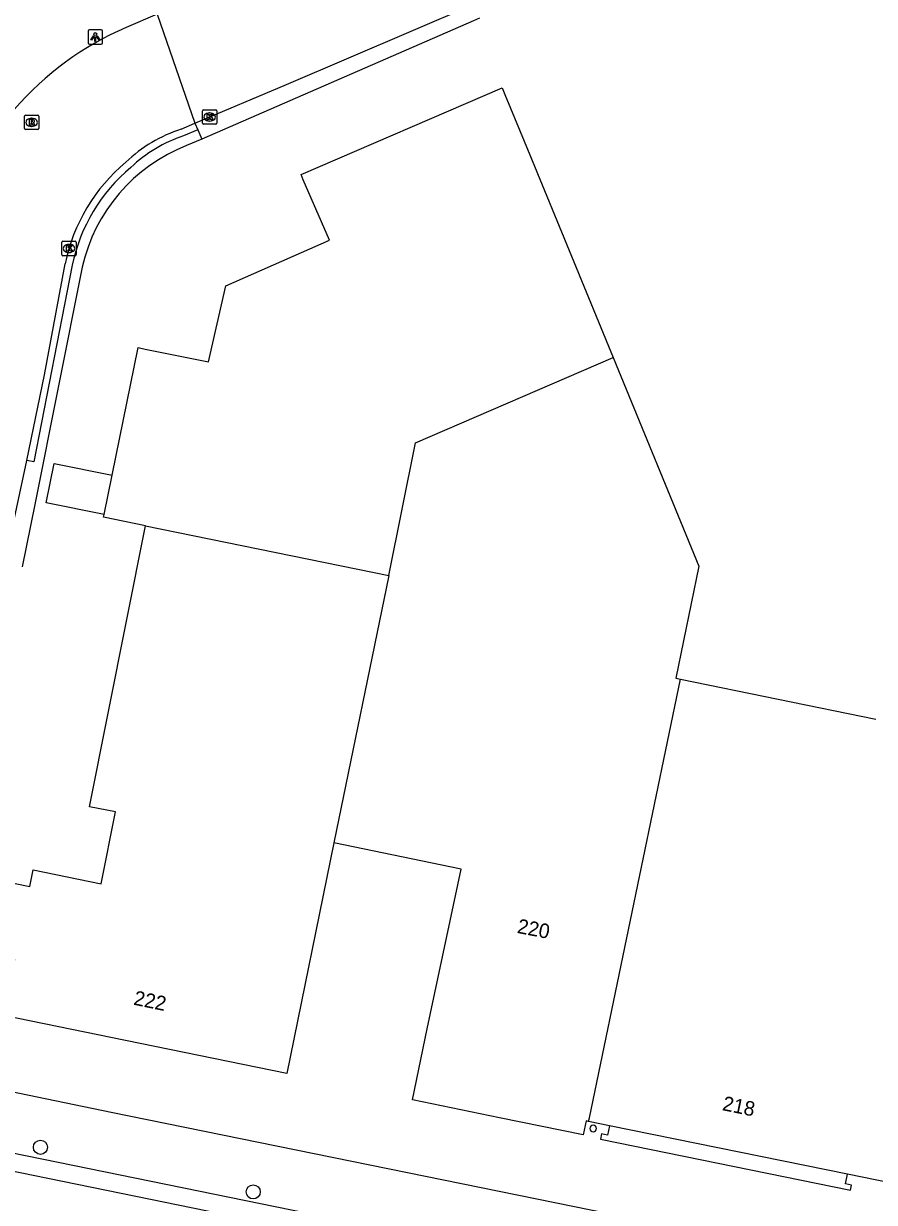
# Model space of a CAD drawing. Extents: x 158087 to 159494, y 382905 to 383981.
# Drawn here: x 158806.5 to 158865.2, y 382994.2 to 383075.4 of the extents above; entities that cross this region are included whole.
import ezdxf

# ---------------------------------------------------------------- set-up
doc = ezdxf.new("R2010")
doc.units = 0
for name, color, linetype in [('IMGEO_Boom', 7, 'Continuous'), ('IMGEO_Kolk', 7, 'Continuous'), ('IMGEO_Lichtpunt', 7, 'Continuous'), ('IMGEO_Pand', 7, 'Continuous'), ('IMGEO_Pand_nummerreeks', 7, 'Continuous'), ('IMGEO_Pand_overbouw', 7, 'Continuous'), ('IMGEO_Rijbaan_lokaal_gesloten', 7, 'Continuous'), ('IMGEO_Rijbaan_lokaal_open', 7, 'Continuous'), ('IMGEO_Rioolput', 7, 'Continuous'), ('IMGEO_Voetpad_open', 7, 'Continuous')]:
    doc.layers.add(name, color=color, linetype=linetype)

msp = doc.modelspace()

# ---------------------------------------------------------------- linework, layer by layer
at = {"layer": 'IMGEO_Boom'}
for centre in [(158807.682, 382997.959), (158822.362, 382994.883)]:
    msp.add_circle(centre, 0.489, dxfattribs=at)
at = {"layer": 'IMGEO_Kolk'}
for p, q in [((158818.856, 383068.566), (158818.856, 383069.418)), ((158818.931, 383069.492), (158819.783, 383069.492)), ((158819.344, 383069.272), (158819.369, 383069.272)), ((158819.857, 383069.418), (158819.857, 383068.566)), ((158819.783, 383068.492), (158818.931, 383068.492)), ((158819.367, 383068.712), (158819.342, 383068.712)), ((158809.151, 383059.507), (158809.151, 383060.359)), ((158809.226, 383060.433), (158810.078, 383060.433)), ((158809.639, 383060.213), (158809.664, 383060.213)), ((158810.152, 383060.359), (158810.152, 383059.507)), ((158810.078, 383059.433), (158809.226, 383059.433)), ((158809.662, 383059.653), (158809.637, 383059.653))]:
    msp.add_line(p, q, dxfattribs=at)
for points in [[(158818.856, 383068.566), (158818.856, 383069.418)], [(158818.931, 383069.492), (158819.783, 383069.492)], [(158819.177, 383069.192), (158819.3, 383069.192), (158819.3, 383069.041), (158819.43, 383069.192), (158819.594, 383069.192), (158819.448, 383069.041), (158819.601, 383068.792), (158819.449, 383068.792), (158819.364, 383068.956), (158819.3, 383068.889), (158819.3, 383068.792), (158819.177, 383068.792), (158819.177, 383069.192)], [(158819.857, 383069.418), (158819.857, 383068.566)], [(158819.783, 383068.492), (158818.931, 383068.492)], [(158809.151, 383059.507), (158809.151, 383060.359)], [(158809.226, 383060.433), (158810.078, 383060.433)], [(158809.472, 383060.133), (158809.595, 383060.133), (158809.595, 383059.982), (158809.725, 383060.133), (158809.889, 383060.133), (158809.743, 383059.982), (158809.896, 383059.733), (158809.744, 383059.733), (158809.659, 383059.897), (158809.595, 383059.83), (158809.595, 383059.733), (158809.472, 383059.733), (158809.472, 383060.133)], [(158810.152, 383060.359), (158810.152, 383059.507)], [(158810.078, 383059.433), (158809.226, 383059.433)]]:
    msp.add_lwpolyline(points, dxfattribs=at)
for centre, start, end in [((158818.933, 383069.416), 91.55205, 178.44795), ((158818.933, 383069.416), 91.55205, 178.44795), ((158819.781, 383069.416), 1.55205, 88.44795), ((158819.781, 383069.416), 1.55205, 88.44795), ((158818.933, 383068.568), 181.55205, 268.44795), ((158818.933, 383068.568), 181.55205, 268.44795), ((158819.781, 383068.568), 271.55205, 358.44795), ((158819.781, 383068.568), 271.55205, 358.44795), ((158809.228, 383060.357), 91.55205, 178.44795), ((158809.228, 383060.357), 91.55205, 178.44795), ((158810.076, 383060.357), 1.55205, 88.44795), ((158810.076, 383060.357), 1.55205, 88.44795), ((158809.228, 383059.509), 181.55205, 268.44795), ((158809.228, 383059.509), 181.55205, 268.44795), ((158810.076, 383059.509), 271.55205, 358.44795), ((158810.076, 383059.509), 271.55205, 358.44795)]:
    msp.add_arc(centre, 0.0765, start, end, dxfattribs=at)
for centre, major_axis, ratio, start_param, end_param in [((158819.343, 383068.992), (-0.387, 0.002), 0.722429, 4.712389, 7.853982), ((158819.368, 383068.992), (-0.39, 0.002), 0.717154, 1.570796, 4.712389), ((158809.638, 383059.933), (-0.387, 0.002), 0.722429, 4.712389, 7.853982), ((158809.663, 383059.933), (-0.39, 0.002), 0.717154, 1.570796, 4.712389)]:
    msp.add_ellipse(centre, major_axis=major_axis, ratio=ratio, start_param=start_param, end_param=end_param, dxfattribs=at)
at = {"layer": 'IMGEO_Lichtpunt'}
for p, q in [((158810.968, 383074.917), (158810.968, 383074.11)), ((158810.968, 383074.917), (158810.968, 383074.11)), ((158811.87, 383075.012), (158811.062, 383075.012)), ((158811.87, 383075.012), (158811.062, 383075.012)), ((158811.964, 383074.11), (158811.964, 383074.917)), ((158811.964, 383074.11), (158811.964, 383074.917)), ((158811.062, 383074.016), (158811.87, 383074.016)), ((158811.062, 383074.016), (158811.87, 383074.016))]:
    msp.add_line(p, q, dxfattribs=at)
for points in [[(158811.342, 383074.581), (158811.381, 383074.553), (158811.193, 383074.291), (158811.155, 383074.318), (158811.342, 383074.581)], [(158811.444, 383074.533), (158811.491, 383074.533), (158811.491, 383074.211), (158811.444, 383074.211), (158811.444, 383074.533)], [(158811.554, 383074.553), (158811.592, 383074.58), (158811.779, 383074.318), (158811.74, 383074.29), (158811.554, 383074.553)]]:
    msp.add_lwpolyline(points, dxfattribs=at)
msp.add_circle((158811.467, 383074.715), 0.0994, dxfattribs=at)
for centre, start, end in [((158811.062, 383074.917), 90, 180), ((158811.062, 383074.917), 90, 180), ((158811.87, 383074.917), 0, 90), ((158811.87, 383074.917), 0, 90), ((158811.062, 383074.11), 180, 270), ((158811.062, 383074.11), 180, 270), ((158811.87, 383074.11), 270, 0), ((158811.87, 383074.11), 270, 360)]:
    msp.add_arc(centre, 0.0946, start, end, dxfattribs=at)
at = {"layer": 'IMGEO_Pand'}
for points in [[(158812.631, 383044.289), (158814.431, 383053.094), (158814.905, 383052.997), (158819.271, 383052.105), (158820.475, 383057.358), (158827.618, 383060.492), (158825.82, 383064.663), (158825.666, 383065.019), (158839.541, 383071.003), (158839.731, 383070.541), (158841.445, 383066.38), (158847.197, 383052.411)], [(158831.715, 383037.39), (158833.572, 383046.532), (158847.197, 383052.411)], [(158847.197, 383052.411), (158853.12, 383038.028), (158851.536, 383030.298), (158851.85, 383030.234)], [(158812.078, 383041.581), (158808.08, 383042.398), (158808.633, 383045.106), (158812.631, 383044.289)], [(158812.078, 383041.581), (158812.631, 383044.289)], [(158814.931, 383040.798), (158812.043, 383041.411), (158812.078, 383041.581)], [(158827.937, 383018.939), (158824.69, 383003.051), (158813.56, 383005.326), (158805.122, 383007.05), (158805.909, 383010.903), (158801.501, 383011.804), (158802.53, 383016.84), (158806.939, 383015.939), (158807.173, 383017.085), (158811.862, 383016.127), (158812.854, 383021.076), (158811.055, 383021.437), (158814.931, 383040.798)], [(158814.931, 383040.798), (158831.715, 383037.39)], [(158831.715, 383037.39), (158827.937, 383018.939)], [(158845.507, 382999.741), (158845.561, 383000), (158851.85, 383030.234)], [(158851.85, 383030.234), (158865.33, 383027.473)], [(158845.507, 382999.741), (158845.331, 382999.777), (158845.135, 382998.817), (158839.363, 383000), (158833.357, 383001.231), (158834.361, 383006.129), (158836.719, 383017.145), (158827.937, 383018.939)], [(158867.293, 382995.293), (158863.364, 382996.095), (158846.94, 382999.448), (158845.507, 382999.741)]]:
    msp.add_lwpolyline(points, dxfattribs=at)
for start, end in [(0, 180), (180, 0)]:
    msp.add_arc((158845.82, 382999.248), 0.225, start, end, dxfattribs=at)
at = {"layer": 'IMGEO_Pand_overbouw'}
msp.add_lwpolyline([(158863.364, 382996.095), (158846.94, 382999.448), (158846.807, 382998.794), (158846.395, 382998.878), (158846.323, 382998.525), (158863.568, 382994.991), (158863.64, 382995.344), (158863.228, 382995.428)], close=True, dxfattribs=at)
at = {"layer": 'IMGEO_Rijbaan_lokaal_gesloten'}
for points in [[(159016.279, 382954.495), (159013.768, 382955.082), (159011.081, 382955.558), (158978.234, 382962.337), (158956.045, 382966.811), (158953.939, 382967.303), (158917.851, 382974.619), (158915.417, 382975.169), (158803.465, 382998.005)], [(159031.685, 382949.921), (159015.031, 382953.509), (158803.226, 382996.829)]]:
    msp.add_lwpolyline(points, dxfattribs=at)
at = {"layer": 'IMGEO_Rijbaan_lokaal_open'}
for points in [[(158818.333, 383068.56), (158824.654, 383071.232), (158837.57, 383076.747)], [(158815.746, 383076.096), (158813.597, 383075.162)], [(158815.746, 383076.096), (158818.333, 383068.56)], [(158817.395, 383068.163), (158818.333, 383068.56)], [(158806.731, 383045.313), (158807.971, 383051.215), (158809.383, 383058.871)], [(158805.259, 383038.227), (158805.761, 383040.697), (158806.731, 383045.313)]]:
    msp.add_lwpolyline(points, dxfattribs=at)
for centre, radius, start, end in [((158821.836, 383055.818), 21.026, 113.07071, 139.32019), ((158820.528, 383058.597), 10.066, 108.13112, 133.66831), ((158821.481, 383056.388), 12.35, 129.7919, 168.40332)]:
    msp.add_arc(centre, radius, start, end, dxfattribs=at)
at = {"layer": 'IMGEO_Rioolput'}
for p, q in [((158806.575, 383068.198), (158806.575, 383069.05)), ((158806.65, 383069.124), (158807.502, 383069.124)), ((158807.576, 383069.05), (158807.576, 383068.198)), ((158807.086, 383068.344), (158807.061, 383068.344)), ((158807.063, 383068.904), (158807.088, 383068.904)), ((158807.502, 383068.124), (158806.65, 383068.124))]:
    msp.add_line(p, q, dxfattribs=at)
for points in [[(158806.575, 383068.198), (158806.575, 383069.05)], [(158806.65, 383069.124), (158807.502, 383069.124)], [(158807.576, 383069.05), (158807.576, 383068.198)], [(158807.164, 383068.822), (158806.912, 383068.824), (158806.912, 383068.424)], [(158806.912, 383068.424), (158807.036, 383068.424), (158807.036, 383068.586), (158807.047, 383068.586)], [(158807.09, 383068.743), (158807.036, 383068.743), (158807.036, 383068.662)], [(158807.036, 383068.662), (158807.088, 383068.662)], [(158807.094, 383068.557), (158807.165, 383068.424), (158807.305, 383068.424), (158807.24, 383068.55)], [(158807.502, 383068.124), (158806.65, 383068.124)]]:
    msp.add_lwpolyline(points, dxfattribs=at)
for centre, radius, start, end in [((158806.652, 383069.048), 0.0765, 91.55205, 178.44795), ((158806.652, 383069.048), 0.0765, 91.55205, 178.44795), ((158807.5, 383069.048), 0.0765, 1.55205, 88.44795), ((158807.5, 383069.048), 0.0765, 1.55205, 88.44795), ((158806.652, 383068.2), 0.0765, 181.55205, 268.44795), ((158806.652, 383068.2), 0.0765, 181.55205, 268.44795), ((158807.046, 383068.533), 0.0533, 26.02933, 88.69889), ((158807.072, 383068.851), 0.19, 274.7715, 282.96867), ((158807.096, 383068.647), 0.0964, 77.00612, 93.18647), ((158807.11, 383068.704), 0.0378, 276.66336, 79.67722), ((158807.163, 383068.712), 0.109, 350.36119, 89.41601), ((158807.161, 383068.712), 0.112, 277.58423, 350.98172), ((158807.145, 383068.497), 0.108, 29.51342, 73.79051), ((158807.5, 383068.2), 0.0765, 271.55205, 358.44795), ((158807.5, 383068.2), 0.0765, 271.55205, 358.44795)]:
    msp.add_arc(centre, radius, start, end, dxfattribs=at)
for centre, major_axis, ratio, start_param, end_param in [((158807.062, 383068.624), (-0.387, 0.002), 0.722429, 4.712389, 7.853982), ((158807.087, 383068.624), (-0.39, 0.002), 0.717154, 1.570796, 4.712389)]:
    msp.add_ellipse(centre, major_axis=major_axis, ratio=ratio, start_param=start_param, end_param=end_param, dxfattribs=at)
at = {"layer": 'IMGEO_Voetpad_open'}
for points in [[(158837.977, 383075.801), (158837.572, 383075.626), (158818.806, 383067.474)], [(158818.333, 383068.56), (158818.533, 383068.101)], [(158818.533, 383068.101), (158817.551, 383067.688)], [(158818.806, 383067.474), (158817.768, 383067.023)], [(158818.533, 383068.101), (158818.806, 383067.474)], [(158810.559, 383058.63), (158807.3, 383042.268), (158806.424, 383037.984)], [(158809.875, 383058.777), (158807.219, 383045.208), (158806.731, 383045.313)], [(158801.731, 383002.602), (158804.889, 383001.97), (158812.55, 383000.385), (158882.725, 382986.097), (158965.13, 382969.191), (158987.319, 382964.716), (159020.488, 382957.863)]]:
    msp.add_lwpolyline(points, dxfattribs=at)
for centre, radius, start, end in [((158820.529, 383058.594), 9.569, 108.13395, 133.6681), ((158822.065, 383056.04), 11.794, 111.36692, 167.31253), ((158821.53, 383056.362), 11.903, 129.73253, 168.29496)]:
    msp.add_arc(centre, radius, start, end, dxfattribs=at)

# ---------------------------------------------------------------- texts
at = {"layer": 'IMGEO_Pand_nummerreeks'}
for s, rotation, p in [('220', 349.14359, (158840.527, 383012.745)), ('222', 348.44983, (158814.058, 383007.796)), ('218', 348.44657, (158854.686, 383000.525))]:
    msp.add_text(s, height=1, rotation=rotation, dxfattribs=at).set_placement(p)

doc.saveas('drawing.dxf')

- - - - - - -

#### Action item:
Word for word, restate the lines from the first line of the material through the line containing "doc.units = 0", with the pictures left out.

#### Response area:
# Model space of a CAD drawing. Extents: x 158087 to 159494, y 382905 to 383981.
# Drawn here: x 158806.5 to 158865.2, y 382994.2 to 383075.4 of the extents above; entities that cross this region are included whole.
import ezdxf

# ---------------------------------------------------------------- set-up
doc = ezdxf.new("R2010")
doc.units = 0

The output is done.